Dear Load Distributor,
Great question. If you want to save as much energy as possible, you’ll want to run your heat pumps at their most efficient point, and that point isn’t necessarily at full load. We measure that efficiency with the coefficient of performance (COP): the ratio of useful heat delivered to electricity consumed, so the higher the better. The key fact, which we can summarize in a single sentence, is that a heat pump’s maximum COP is not at full load, so distributing the demand across more units can give you a better overall COP. Running cost isn’t the only thing that matters, of course, upfront investment plays a role too (more on that later), but let’s focus on energy first. Don’t worry, we’ll dive into this in more detail.

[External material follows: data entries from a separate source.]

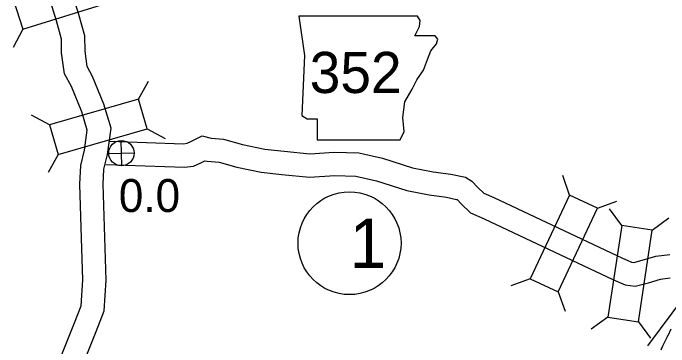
# Model space of a CAD drawing. Extents: x -939622 to -934245, y 1383184 to 1385301.
# Drawn here: x -936194.88 to -936169.66, y 1384666.12 to 1384678.97 of the extents above; entities that cross this region are included whole.
import ezdxf

# ---------------------------------------------------------------- set-up
doc = ezdxf.new("R2010")
doc.units = 0
for name, color, linetype in [('Level 10', 7, 'Continuous'), ('Level 20', 7, 'Continuous'), ('Level 21', 7, 'Continuous'), ('Level 25', 7, 'Continuous'), ('Level 26', 7, 'Continuous'), ('Level 27', 7, 'Continuous')]:
    doc.layers.add(name, color=color, linetype=linetype)

msp = doc.modelspace()

# ---------------------------------------------------------------- linework, layer by layer
at = {"layer": 'Level 10'}
msp.add_line((-936169.579, 1384666.798), (-936169.705, 1384666.547), dxfattribs=at)
for points in [[(-936193.564, 1384661.445), (-936193.515, 1384661.87), (-936193.411, 1384662.384), (-936193.395, 1384662.464), (-936193.087, 1384663.21), (-936191.68, 1384666.711), (-936191.374, 1384667.507), (-936191.299, 1384668.687), (-936191.355, 1384670.337), (-936191.413, 1384672.378), (-936191.385, 1384672.966), (-936191.247, 1384673.523), (-936191.114, 1384674.534), (-936191.385, 1384675.465), (-936191.827, 1384676.535), (-936192.038, 1384676.92), (-936192.114, 1384677.51), (-936192.127, 1384678.09), (-936192.349, 1384678.92), (-936192.865, 1384680.59)], [(-936194.477, 1384661.38), (-936194.405, 1384662.011), (-936194.339, 1384662.335), (-936194.26, 1384662.727), (-936193.921, 1384663.549), (-936192.518, 1384667.04), (-936192.264, 1384667.701), (-936192.2, 1384668.7), (-936192.255, 1384670.309), (-936192.314, 1384672.386), (-936192.28, 1384673.098), (-936192.132, 1384673.69), (-936192.031, 1384674.464), (-936192.235, 1384675.166), (-936192.64, 1384676.146), (-936192.908, 1384676.637), (-936193.013, 1384677.442), (-936193.024, 1384677.961), (-936193.214, 1384678.67), (-936193.73, 1384680.342)], [(-936191.168, 1384674.039), (-936188.329, 1384673.942), (-936188.187, 1384673.96), (-936188.044, 1384674.022), (-936187.605, 1384674.241), (-936187.268, 1384674.155), (-936186.795, 1384674.116), (-936186.062, 1384673.912), (-936185.203, 1384673.736), (-936184.45, 1384673.654), (-936183.465, 1384673.551), (-936182.529, 1384673.618), (-936181.585, 1384673.585), (-936180.669, 1384673.382), (-936179.517, 1384673.016), (-936178.729, 1384672.865), (-936178.049, 1384672.771), (-936177.488, 1384672.648), (-936177.241, 1384672.501), (-936177.011, 1384672.259), (-936176.782, 1384672.041), (-936176.396, 1384671.872), (-936171.449, 1384669.538), (-936171.261, 1384669.457), (-936171.093, 1384669.386), (-936171.005, 1384669.373), (-936170.684, 1384669.455), (-936170.165, 1384669.608), (-936169.623, 1384669.681)], [(-936191.311, 1384673.143), (-936188.288, 1384673.04), (-936187.946, 1384673.083), (-936187.663, 1384673.207), (-936187.504, 1384673.286), (-936187.418, 1384673.264), (-936186.954, 1384673.226), (-936186.274, 1384673.036), (-936185.342, 1384672.846), (-936184.545, 1384672.759), (-936183.48, 1384672.648), (-936182.513, 1384672.717), (-936181.699, 1384672.689), (-936180.903, 1384672.512), (-936179.739, 1384672.142), (-936178.875, 1384671.977), (-936178.208, 1384671.885), (-936177.822, 1384671.8), (-936177.808, 1384671.791), (-936177.648, 1384671.623), (-936177.287, 1384671.28), (-936176.769, 1384671.053), (-936171.819, 1384668.717), (-936171.614, 1384668.629), (-936171.339, 1384668.513), (-936170.958, 1384668.455), (-936170.445, 1384668.587), (-936169.977, 1384668.725), (-936169.617, 1384668.773)], [(-936169.711, 1384666.534), (-936169.881, 1384666.198), (-936169.904, 1384666.146)]]:
    msp.add_lwpolyline(points, dxfattribs=at)
for centre, radius, start, end in [((-936176.382, 1384669.897), 7.47, 333.2451, 333.3596), ((-936162.293, 1384662.664), 8.37, 155.4185, 156.5493)]:
    msp.add_arc(centre, radius, start, end, dxfattribs=at)
at = {"layer": 'Level 20'}
for p, q in [((-936194.509, 1384678.35), (-936194.88, 1384677.65)), ((-936190.055, 1384675.66), (-936189.673, 1384676.354)), ((-936193.476, 1384674.664), (-936194.171, 1384675.045)), ((-936189.722, 1384674.519), (-936189.028, 1384674.138)), ((-936193.144, 1384673.523), (-936193.526, 1384672.829)), ((-936173.476, 1384671.967), (-936173.743, 1384672.712)), ((-936172.401, 1384671.46), (-936171.656, 1384671.727)), ((-936171.473, 1384670.791), (-936171.943, 1384671.429)), ((-936170.299, 1384670.613), (-936169.661, 1384671.082)), ((-936174.997, 1384668.744), (-936175.742, 1384668.476)), ((-936173.922, 1384668.237), (-936173.655, 1384667.491)), ((-936172.009, 1384667.268), (-936172.647, 1384666.798)), ((-936170.834, 1384667.089), (-936170.365, 1384666.451))]:
    msp.add_line(p, q, dxfattribs=at)
for points in [[(-936191.454, 1384680.536), (-936194.86, 1384679.485), (-936194.509, 1384678.35), (-936191.104, 1384679.4)], [(-936190.055, 1384675.66), (-936193.476, 1384674.664), (-936193.144, 1384673.523), (-936189.722, 1384674.519)], [(-936173.476, 1384671.967), (-936174.997, 1384668.744), (-936173.922, 1384668.237), (-936172.401, 1384671.46)], [(-936170.834, 1384667.089), (-936170.299, 1384670.613), (-936171.473, 1384670.791), (-936172.009, 1384667.268)]]:
    msp.add_lwpolyline(points, close=True, dxfattribs=at)
at = {"layer": 'Level 21'}
msp.add_lwpolyline([(-936183.897, 1384678.857), (-936183.668, 1384677.334), (-936183.77, 1384675.025), (-936183.567, 1384674.898), (-936183.186, 1384674.898), (-936183.186, 1384674.086), (-936179.989, 1384674.086), (-936179.836, 1384674.416), (-936179.887, 1384674.949), (-936179.811, 1384675.558), (-936179.532, 1384676.04), (-936179.354, 1384676.395), (-936179.1, 1384676.776), (-936178.948, 1384677.182), (-936178.821, 1384677.512), (-936178.593, 1384677.791), (-936178.542, 1384677.968), (-936178.644, 1384678.095), (-936179.43, 1384678.095), (-936179.253, 1384678.451), (-936179.227, 1384678.679), (-936179.333, 1384678.854)], close=True, dxfattribs=at)
at = {"layer": 'Level 25'}
msp.add_line((-936170.47, 1384666.156), (-936168.6, 1384668.688), dxfattribs=at)
at = {"layer": 'Level 26'}
for p, q in [((-936190.702, 1384673.09), (-936190.725, 1384674.067)), ((-936191.202, 1384673.567), (-936190.225, 1384673.59))]:
    msp.add_line(p, q, dxfattribs=at)
msp.add_circle((-936190.714, 1384673.579), 0.488, dxfattribs=at)
at = {"layer": 'Level 27'}
msp.add_circle((-936181.942, 1384670.111), 1.98, dxfattribs=at)

# ---------------------------------------------------------------- texts
at = {"layer": 'Level 21'}
msp.add_text('352', height=1.584, dxfattribs=at).set_placement((-936183.473, 1384675.893))
at = {"layer": 'Level 25'}
msp.add_text('0.0', height=1.2672, dxfattribs=at).set_placement((-936190.814, 1384671.313))
at = {"layer": 'Level 27'}
msp.add_text('1', height=1.901, dxfattribs=at).set_placement((-936181.942, 1384669.161))

doc.saveas('drawing.dxf')

First, let’s look at a single heat pump for heating. Its COP depends mainly on the following conditions: the temperature at the condenser (where heat is delivered), the temperature at the evaporator (where heat is extracted from the source), and the part-load ratio (PLR). The PLR represents the heat actually supplied by the unit relative to its available capacity at those operating temperatures. When we look more closely at how the COP evolves with the PLR, we find something perhaps counterintuitive: the maximum COP is not at full load, but at a lower one. Why? At lower loads, the heat exchangers are effectively oversized for the reduced demand, so the temperature lift the compressor must overcome shrinks and the COP climbs; only at very low loads do compressor and motor losses start to drag it back down (see the figure below).
Now that we know a single heat pump runs more efficiently at part load than at full load, delivering more heat per unit of electricity, let’s see how this plays out in a cascade. When several heat pumps work together, load distribution becomes key. Most conventional heat pump cascades in buildings operate in a straightforward way: they turn on a single unit and increase its modulation until it reaches full load, then bring on the second one, and so on. But based on what we just saw, it can be more efficient to run two heat pumps at once, keeping the first near its peak-COP load and letting the second pick up the rest, rather than driving the first to full load while the second barely ticks over. This also keeps the incoming unit out of the very low part-load region, where efficiency is worst (see the figure below). Think of it like driving on the motorway: your car sips less fuel per kilometre cruising at a steady, moderate speed than with your foot flat to the floor. Running several heat pumps each in their comfort zone beats pushing one to the limit while the others wait.
So, with this in mind, my colleagues and I developed a heuristic optimization to find the optimal thresholds for a heat pump cascade. In simple terms: we discretize the possible threshold values, simulate a full year of cascade operation for each combination, and pick the one with the lowest electricity consumption. We applied it to a real installation, first presented at SimBuild 2024: a building in Velenje (Slovenia) where three air-to-water heat pumps meet the heating demand. Comparing a conventional cascade (driving units to full load) against the optimized one at the simulation level, we found electricity savings of up to 13.8% over the year. And a real plus of this approach, one that saves you a few headaches, is that it needs no new hardware and no real-time actuation: you optimize the cascade once and program the new threshold values into the existing controller. Straightforward.
And now let’s take it one step further. Everything so far happens at the operation level, but imagine bringing this thinking into the design phase. Choosing how many heat pumps to install is usually decided on upfront capital expenditure (CAPEX) alone, where a single large unit looks cheapest. But when we add the operational expenditure(OPEX) over the system’s life, the picture changes. We explored this in more detail in a follow-on paper, where we found that two or three smaller units recover their higher initial cost in about 3.5 years once the optimized cascade is applied, making them the more cost-effective choice in the long run.
In short: don’t be afraid to share the load. Whether you’re operating an existing cascade or designing a new plant, giving each heat pump room to breathe pays off, in energy and in economic terms.